Still, there were some good, experienced Mars mission designers in industry, and by mid-summer Caldwell had hired two study teams--one to look at propulsion and the other to evaluate the overall system architecture with a fresh perspective. Almost immediately the teams found ways to improve the MAV. Based on some of the contractor presentations, it started to look like two stages would be better than three. It was a lot simpler and it saved weight: one less interface between stages, no third propulsion system. Even without guidance on the second and third stages, the trade studies showed that the old version was still heavier and more expensive. It was actually pretty obvious, says Caldwell. But "you get mentally tied to a concept," and the JPL engineers had been trying their damnedest to make the MAV work with the spinning upper stages stabilized NOTSNIK-style. Now none of that would be necessary.

What had Brian Wilcox's novel idea, so celebrated just a few months earlier, really contributed then? "What it really did was force the thinking in a different direction," says Caldwell--away from big, heavy liquid engines and a design gridlock that had all but paralyzed the project.
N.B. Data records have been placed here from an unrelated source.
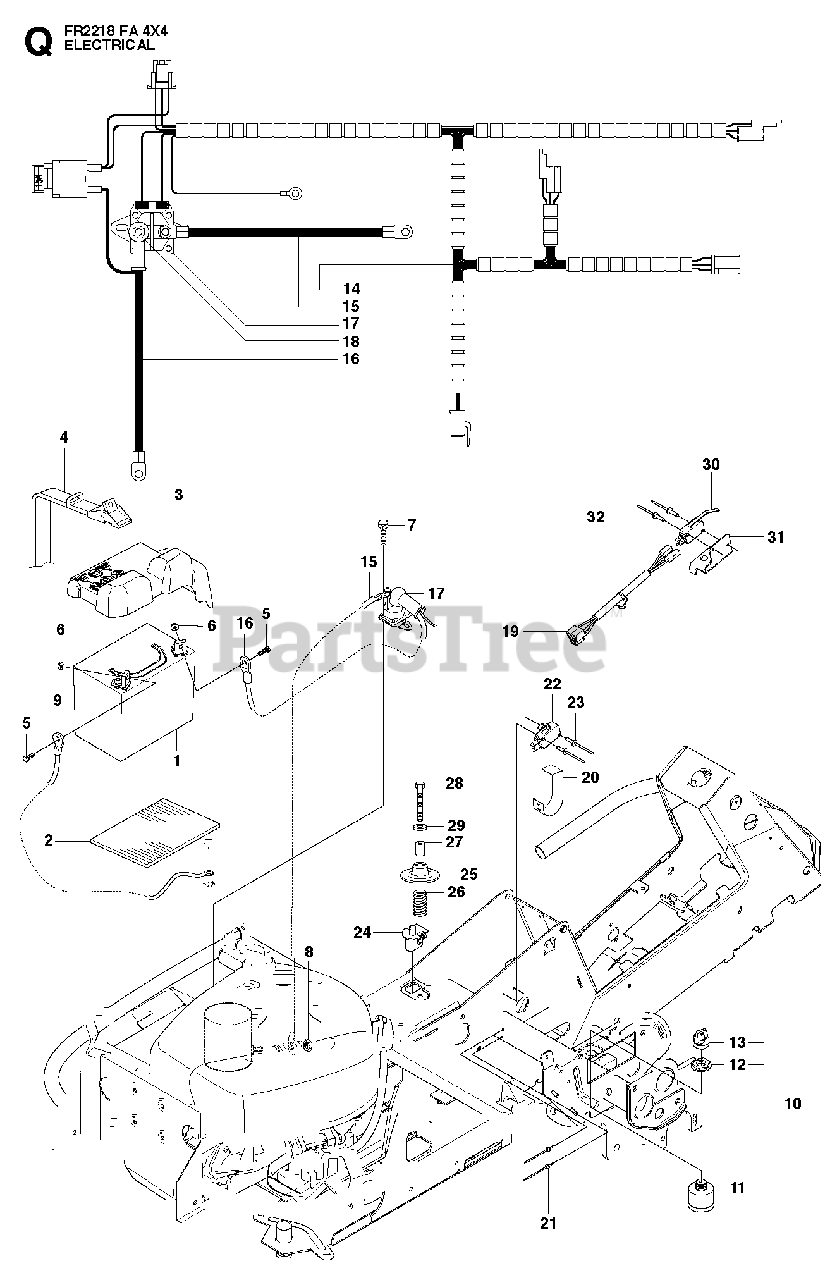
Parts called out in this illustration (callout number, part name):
5	SCREW EHHM
10	IGNITION SWITCH
11	IGNITION SWITCH
12	NUT
13	IGNITION KEY
19	WIRING
27	SPACER TUBE
28	SCREW
29	WASHER BRB 8.4X17
30	MICRO SWITCH
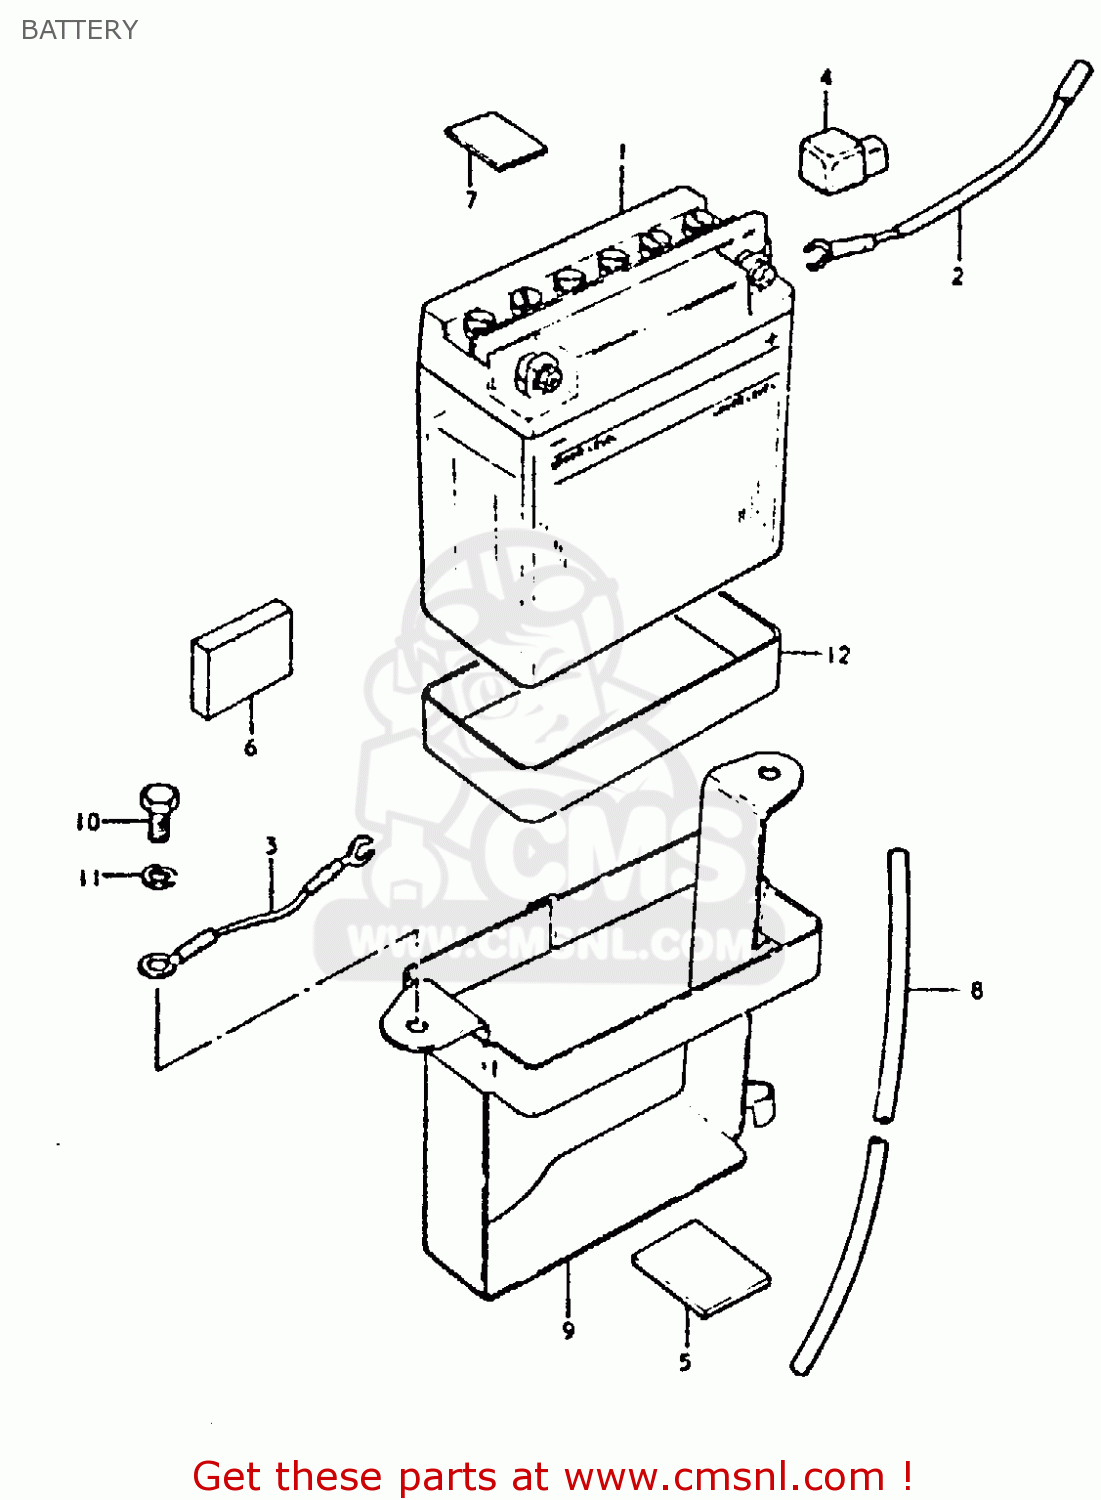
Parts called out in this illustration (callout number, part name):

Frank Jordan, a senior JPL manager in charge of Mars mission planning and an old hand at planetary spacecraft design, thinks that Mini-MAV deserved its accolades. "Most of the rah-rah was justified, in my view," he says. "I mean, it's not a 20-kilogram little-bitty rocket anymore, but it's 170 kilograms, and that's better than 300 kilograms." Jordan has seen a lot of engineering concepts come and go. He worked on the first mission to orbit Mars, Mariner 9, which entered Martian orbit in 1971. "So much of engineering, I think, works this way," he says. "You have some really innovative something, and by the time you bring it to fruition it's compromised--but still better."

The Mars rocket is still evolving, and it's still hard work. Caldwell and his team hope to have the design pretty well nailed down by December. Meanwhile, Wilcox has moved on to other projects and, like most people at JPL, has several things on his plate. He doesn't especially mind that in the end, his Mini-MAV didn't prove practical for the Mars sample return. Logic prevailed just as it did in the 1950s, when his father was trying to orbit another small object around another planet. Back then, scrapping the guidance system made sense because it weighed a lot more than NOTSNIK's payload. Once the payload grows beyond a certain size, the advantage is always with active guidance, and the MAV sample canister turned out to be much heavier than Mini-MAV's 200-gram payload.
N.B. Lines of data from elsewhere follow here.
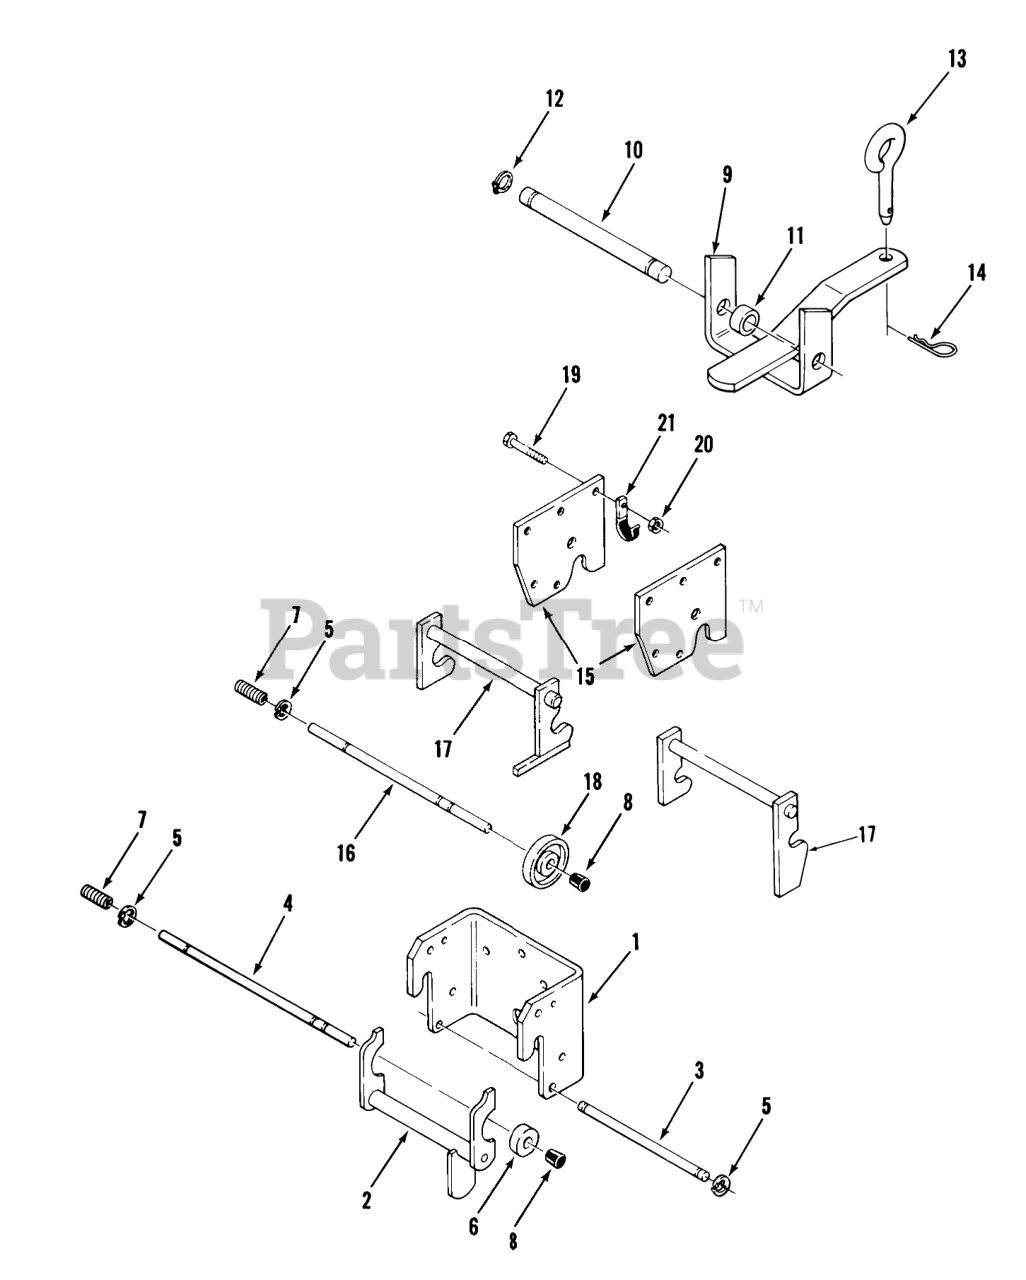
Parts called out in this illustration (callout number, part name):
1	Front Hitch
2	Assy-Latch
3	ROD-LATCH PIVOT
4	ROD-LOCK
5	RING-RETAINING
7	SPRING
8	CAP-ROD, PLUNGER
9	Hitch
10	PIN-STATIONARY HITCH
11	Spacer
12	E-RING
13	PIN-TOOL
14	Hairpin Cotter
15	Hitch Plate
17	ASSY MID HITCH LA R
17	ASSY LATCH HITCH R
19	Bolt
19	Bolt 3/8-16 x 1
20	NUT
21	CLIP

Wilcox spends most of his time these days building a tiny "nano-rover" to roam the surface of an asteroid, which will be included on a Japanese mission called MUSES-C, scheduled for launch in 2002. He has ideas for true Mini-MAVs, rockets so small they could be ferried around the Martian surface on the backs of rovers--that is, if the payload delivered to orbit were small enough. Then there's the Venus Sample Return concept he and others at JPL have been cooking up. They'd use a balloon to float a golf-ball-size sample up through the thick Venusian atmosphere to an altitude of 40 miles, where they would then fire a rocket from the balloon (just like NOTSNIK did from an airplane) to continue the journey to orbit. Now that, Brian's father might have agreed, is pretty clever--if it works.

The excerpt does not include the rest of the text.